Under pressure from President George W. Bush and other top federal officials, the mayor Monday suspended the reopening of large portions of the city over the next few days because of the risk of a new round of flooding from a tropical storm.
The decision came after repeated warnings from top federal officials -and the president himself - that the city was unsafe. The mayor reversed course even as residents began trickling back to the first neighbourhood opened as part of Nagin's plan, the scarcely damaged Algiers section.
Nagin had harsh words for the federal government's top official in the city, Coast Guard Vice Adm. Thad Allen, who said "stepped outside his lane by talking directly to the citizens of New Orleans," according to Guardian Unlimited.
He said he had strategically selected zip codes that had suffered little or no flooding.
The mayor said he had wanted to reopen some of the city's signature neighbourhoods over the coming week in order to reassure the people of New Orleans that "there was a city to come back to."

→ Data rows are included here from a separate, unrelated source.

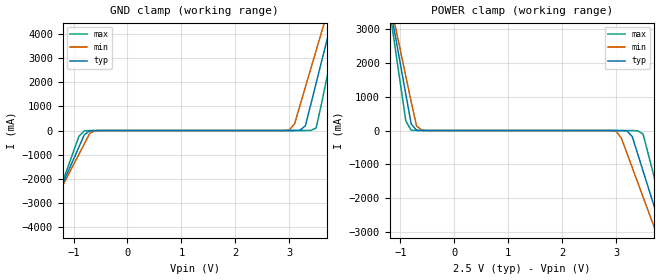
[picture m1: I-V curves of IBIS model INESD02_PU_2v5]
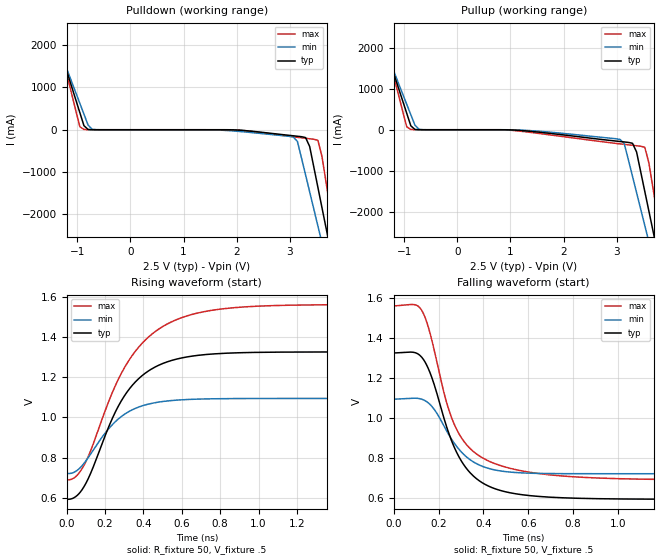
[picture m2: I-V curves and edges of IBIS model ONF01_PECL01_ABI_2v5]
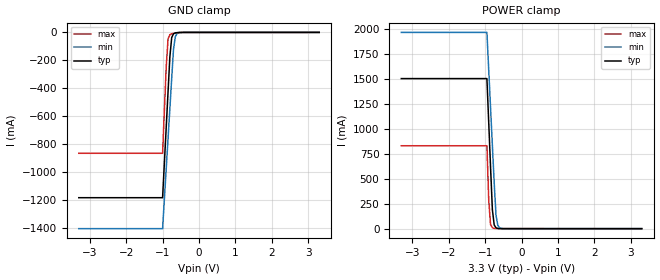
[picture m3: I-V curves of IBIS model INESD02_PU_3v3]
|   This file is an IBIS representation of the   |
|   Integrated Devices Technology, Inc.   |
|   ICS843023I   |
|   FEMTOCLOCKS CRYSTAL-TO-2.5V/3.3V LVPECL CLOCK GENERATOR   |
[IBIS Ver]   4.1
[File name]   843023i.ibs
[File Rev]   1.0
[Date]   30 Dec 2008 | Last modified
|   24 Dec 2008 | Generated
[Source]   Originated at Integrated Devices Technology, Inc.
[Disclaimer]
IDT hereby grants the user of this IBIS model a non-exclusive,
nontransferable license to use this IBIS model under the following terms.
Before using this IBIS model, the user should read this license.
If the user does not accept these terms,  the IBIS model should be
returned to IDT within 30 days.
   The user is granted this license only to use the IBIS model and
is not granted rights to sell, load, rent, lease or license the IBIS
model in whole or in part, or in modified form to anyone other than
user. User may modify the IBIS model to suit its specific
applications but rights to derivative works and such modifications
shall belong to IDT.
   This IBIS model is provided on an "AS IS" basis and IDT makes
absolutely no warranty with respect to the information contained
herein. IDT DISCLAIMS AND CUSTOMER WAIVES ALL WARRANTIES, EXPRESS
OR IMPLIED, INCLUDING WARRANTIES OF MERCHANTABILITY OR FITNESS FOR
A PARTICULAR PURPOSE. The entire risk as to quality and performance
is with the Customer. ACCORDINGLY, IN NO EVENT SHALL THE COMPANY BE
LIABLE FOR ANY DAMAGES, WHETHER IN CONTRACT OR TORT,INCLUDING ANY
LOST PROFITS OR OTHER INCIDENTAL, CONSEQUENTIAL, EXEMPLARY, OR
PUNITIVE DAMAGES ARISING OUT OF THE USE OR APPLICATION OF THE IBIS
model provided in this package. Further, IDT reserves the right to
make changes without notice to any product herein to improve
reliability, function, or design. IDT does not convey any license
under patent rights or any other intellectual property rights,
including those of third parties.
   IDT is not obligated to provide maintenance or support
for the licensed IBIS model.
[Copyright]   Copyright 2004 byIntegrated Devices Technology, Inc.
[Component]   ICS843023I
[Manufacturer] Integrated Devices Technology, Inc.
[Package]
|TSSOP 8 Lead
|   typ   min   max
R_pkg   52.5m   48.8m   56.2m
L_pkg   1.381nH   1.275nH   1.486nH
C_pkg   0.236pF   0.230pF   0.242pF
[Pin]   signal_name   model_name   R_pin   L_pin   C_pin
1   VCC   POWER   56.2m   1.486n   0.242p
2   XTAL_OUT   NC   48.8m   1.275n   0.230p
3   XTAL_IN   NC   48.8m   1.275n   0.230p
4   VEE   GND   56.2m   1.468n   0.242p
5   OE   INESD02_PU   56.2m   1.486n   0.242p
6   VCC   POWER   48.8m   1.275n   0.230p
7   nQ0   ONF01_PECL01_ABI   48.8m   1.275n   0.230p
8   Q   ONF01_PECL01_ABI   56.2m   1.468n   0.242p
[Diff Pin]  inv_pin  vdiff tdelay_typ tdelay_min  tdelay_max
8   7   NA   0  0  0
[Model Selector] INESD02_PU
INESD02_PU_2v5  Buffer selection for 2v5
INESD02_PU_3v3  Buffer selection for 3v3
[Model Selector] ONF01_PECL01_ABI
ONF01_PECL01_ABI_2v5  Buffer selection for 2v5
ONF01_PECL01_ABI_3v3  Buffer selection for 3v3
| Models and submodels in the file (4): INESD02_PU_2v5 (Input), ONF01_PECL01_ABI_2v5 (Output_ECL), INESD02_PU_3v3 (Input), ONF01_PECL01_ABI_3v3 (Output_ECL)
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[Model] INESD02_PU_2v5
Model_type   Input
Polarity   Non-Inverting
Vinl = 1.4V
Vinh = 1.85V
|   typ   min   max
C_comp   2pF   1.5pF   2.5pF
|   typ   min   max
[Voltage range]  2.5V   2.375V   2.625V
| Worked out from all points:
|   GND clamp passes 1 mA (typ) near -0.55 V on its own axis
|   POWER clamp passes 1 mA (typ) near -0.61 V on its own axis
[GND_clamp]
|Voltage   I(typ)   I(min)   I(max)
-2.5V     -8.775A    -7.892A    -10.18A
-1.6V     -4.218A    -4.001A    -4.586A
-900mV    -678.5mA   -979.4mA   -237.6mA
-800mV    -173.9mA   -548.7mA   -10.88mA
-600mV    -1.682mA   -8.796mA   -960.5uA
3V        79.39uA    17.1mA     7.198uA
3.1V      607uA      273.4mA    11.46uA
3.3V      191.5mA    1.785A     278.5uA
3.5V      1.949A     3.298A     103.5mA
3.7V      3.723A     4.812A     2.189A
3.9V      5.498A     6.327A     4.369A
5V        15.27A     14.67A     16.38A
[POWER_clamp]
|Voltage   I(typ)   I(min)   I(max)
-2.5V     15.27A     13.72A     17.74A
-1.2V     3.723A     3.866A     3.551A
-1.1V     2.836A     3.109A     2.461A
-900mV    1.063A     1.596A     283.3mA
-800mV    191.5mA    840mA      6.139mA
-600mV    607uA      8.789mA    64.82uA
3V        -392uA     -16.42mA   -62.09uA
3.4V      -678.5mA   -1.518A    -7.233mA
3.5V      -1.184A    -1.95A     -99.57mA
3.7V      -2.195A    -2.813A    -1.324A
4V        -3.712A    -4.109A    -3.188A
5V        -8.775A    -8.433A    -9.404A
[Model] ONF01_PECL01_ABI_2v5
Model_type  Output_ECL
Polarity   Non-Inverting
Vmeas = .975
Rref = 50
Cref = 0
Vref = .5
|Variable  typ   min   max
C_comp   2p   1.5p   2.5p
[Voltage Range]   2.5   2.375   2.625
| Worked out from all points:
|   rising waveform, R_fixture 50, V_fixture .5: 20-80 % time 228ps typ, 199ps min, 276ps max; typ from 0.592 V to 1.33 V
|   falling waveform, R_fixture 50, V_fixture .5: 20-80 % time 153ps typ, 140ps min, 156ps max; typ from 1.33 V to 0.592 V
| Open source, no load
|  Voltage   I(typ)   I(min)   I(max)
[Pullup]
-2.5V     6.581A     5.758A     7.966A
-1.572V   2.868A     2.671A     3.219A
-1.418V   2.25A      2.158A     2.429A
-953.6mV  402.1mA    621.9mA    72.14mA
-876.3mV  95.6mA     366.6mA    5.897mA
-721.6mV  951.4uA    9.59mA     751.4uA
3.067V    -287.8mA   -237.7mA   -346mA
3.299V    -330.4mA   -1.134A    -380.1mA
3.531V    -1.506A    -2.34A     -427.9mA
3.686V    -2.47A     -3.144A    -1.427A
3.84V     -3.434A    -3.947A    -2.655A
5V        -10.66A    -9.976A    -11.86A
[Pulldown]
-2.5V     6.581A     5.758A     7.966A
-1.495V   2.559A     2.415A     2.824A
-1.418V   2.25A      2.158A     2.429A
-953.6mV  402.1mA    621.9mA    72.14mA
-876.3mV  95.6mA     366.6mA    5.897mA
-721.6mV  951.4uA    9.59mA     751.4uA
3.067V    -142.9mA   -171.4mA   -166.7mA
3.299V    -185mA     -1.067A    -201.5mA
3.531V    -1.361A    -2.272A    -250mA
3.686V    -2.324A    -3.076A    -1.249A
3.84V     -3.288A    -3.879A    -2.478A
5V        -10.51A    -9.904A    -11.69A
[Ramp]
|   typ   min   max
dV/dt_r   0.586/0.368n   0.299/0.313n   0.698/0.446n
dV/dt_f   0.590/0.258n   0.302/0.226n   0.703/0.290n
R_load =   50.0000
[Rising Waveform]
R_fixture = 50
V_fixture = .5   | VCC_typ - 2V
V_fixture_max = 0.625   | VCC_max - 2V
V_fixture_min = 0.375   | VCC_min - 2V
C_fixture = 0.0p
| Time   typ   min   max
0s        592.5mV    720.8mV    689.3mV
46.2ps    605.5mV    731.1mV    704.8mV
92.4ps    659.4mV    774.5mV    766.4mV
241.5ps   1.003V     967.6mV    1.133V
323.4ps   1.138V     1.029V     1.283V
426.3ps   1.231V     1.066V     1.4V
552.3ps   1.285V     1.084V     1.478V
711.9ps   1.312V     1.092V     1.525V
940.8ps   1.323V     1.094V     1.551V
1.999ns   1.326V     1.094V     1.562V
[Falling Waveform]
R_fixture = 50
V_fixture = .5   | VCC_typ - 2V
V_fixture_max = 0.625   | VCC_max - 2V
V_fixture_min = 0.375   | VCC_min - 2V
C_fixture = 0.0p
| Time   typ   min   max
0s        1.326V     1.094V     1.562V
92.4ps    1.328V     1.099V     1.568V
123.9ps   1.306V     1.095V     1.541V
168ps     1.209V     1.061V     1.4V
231ps     973.8mV    945.4mV    1.097V
277.2ps   835.9mV    862.7mV    951mV
348.6ps   716.5mV    784.8mV    838.7mV
447.3ps   647.2mV    740.6mV    773mV
865.2ps   596.5mV    720.8mV    701.4mV
1.999ns   592.4mV    720.7mV    689.3mV
[Model] INESD02_PU_3v3
Model_type   Input
Polarity   Non-Inverting
Vinl = 0.80V
Vinh = 2.0V
|   typ   min   max
C_comp   2pF   1.5pF   2.5pF
|   typ   min   max
[Voltage range]  3.3V   3.15V   3.45V
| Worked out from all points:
|   GND clamp passes 1 mA (typ) near -0.56 V on its own axis
|   POWER clamp passes 1 mA (typ) near -0.61 V on its own axis
[GND_clamp]
|Voltage   I(typ)   I(min)   I(max)
-3.3V     -1.184A    -1.405A    -865.6mA
-1V       -1.184A    -1.405A    -865.6mA
-900mV    -678.5mA   -975.1mA   -244.1mA
-850mV    -426.2mA   -760.2mA   -46.92mA
-800mV    -174mA     -545.4mA   -16.17mA
-750mV    -37.03mA   -330.8mA   -9.981mA
-700mV    -9.767mA   -120.3mA   -7.122mA
-650mV    -3.616mA   -29.78mA   -4.922mA
-600mV    -1.7mA     -7.594mA   -3.115mA
-400mV    -123.9uA   -126uA     -173.9uA
3.3V      1.866nA    3.949uA    0A
[POWER_clamp]
|Voltage   I(typ)   I(min)   I(max)
-3.3V     1.506A     1.97A      832.1mA
-950mV    1.506A     1.97A      832.1mA
-900mV    1.063A     1.592A     287.2mA
-850mV    620.4mA    1.215A     41.77mA
-800mV    191.5mA    837.4mA    8.692mA
-750mV    37.69mA    460.1mA    3.262mA
-700mV    8.032mA    133.8mA    1.662mA
-650mV    2.005mA    32.58mA    840.1uA
-600mV    607uA      8.009mA    378.6uA
-450mV    33.11uA    139.8uA    23.88uA
3.3V      -71.13uA   -77.46uA   -62.11uA

But "now we have conditions that have changed. We have another hurricane that is approaching us," he said. He warned that the city's pumping system was not yet running at full capacity and that its levee system was still in a "very weak position."
Louisiana Gov. Kathleen Blanco, in a televised address Monday, urged residents of coastal southwest Louisiana to make preparations to leave.
Tropical storm Rita was headed toward the Florida Keys and was expected to become a hurricane, cross the Gulf of Mexico and reach Texas or Mexico by the weekend. But forecasters said it could also veer in Louisiana's direction.
The death toll in Louisiana spiked by 90 to 736 on Monday, as receding floodwaters allowed search and recovery crews to accelerate their probes into the city's decimated neighborhoods. The toll across the Gulf Coast was 973.